Some of the comments are slightly inaccurate. We actually don't know where all
the deposits are, and there was just a large discovery of rare earth elements
off the coast of Japan. Much rare earth extraction has been happening in China
because of relatively lax environmental standards that have reached back
decades, so the US, Australia, and many other countries with deposits can't
compete due to the costs of labor and complying with environmental standards
and regulations. Mountain pass is one of a few deposits in the US, and happens
to be one of the larger ones that is sitting idle. There are lots of mines
globally and could be more, but economically they need to be attractive.

Copper is another interesting element. It is exceedingly hard to extract from
existing devices because it is buried inside the chips, boards, etc. You can
recover about 25% of the copper in a device, or about 3% of the total mineral
content of a device when you extract copper. Widespread copper mining has
destroyed parts of the Atacama desert in Chile and is a really nasty process.

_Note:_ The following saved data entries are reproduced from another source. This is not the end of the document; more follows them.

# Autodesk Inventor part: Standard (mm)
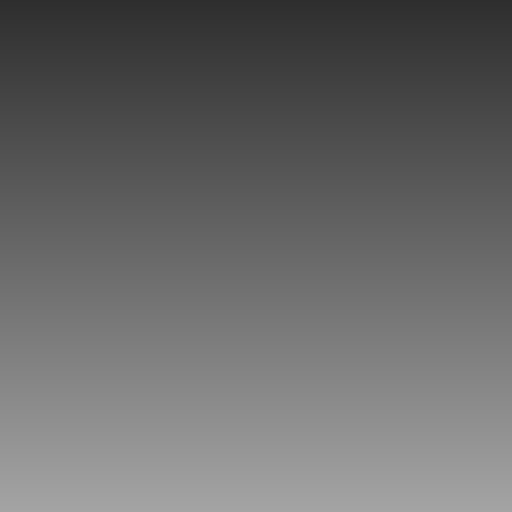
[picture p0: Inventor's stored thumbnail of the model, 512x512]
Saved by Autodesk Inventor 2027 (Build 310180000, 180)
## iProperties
Shininess: 64.0
Length Units: 11269
Angle Units: 11279
Time Units: 11290
Mass Units: 11283
Length Display Precision: 3
Angle Display Precision: 2
Compacted: True
Part Number: Standard (mm)
Document SubType Name: Modeling
Created: 2002-07
Density: 1 g/cm^3
Material: Generic
Appearance: Default
Density: 0.0
Volumn: 0.0
Area: 0.0
PropertySet Name: Model Information
Control State: 0
Master: False
Checked Out: False
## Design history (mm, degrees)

Finally, work has been going on for a long time to replace rare earth elements
or dramatically reduce how much is used. In some cases, you need small amounts
because you need those f-orbital electrons but you can get away with using
creative coatings instead of large volumes of materials. In other cases, you
can replace them by multi-layering other materials to approximate their
performance. There are huge opportunities here, but we are a couple decades
away from seeing any real sea change in what our devices are made of.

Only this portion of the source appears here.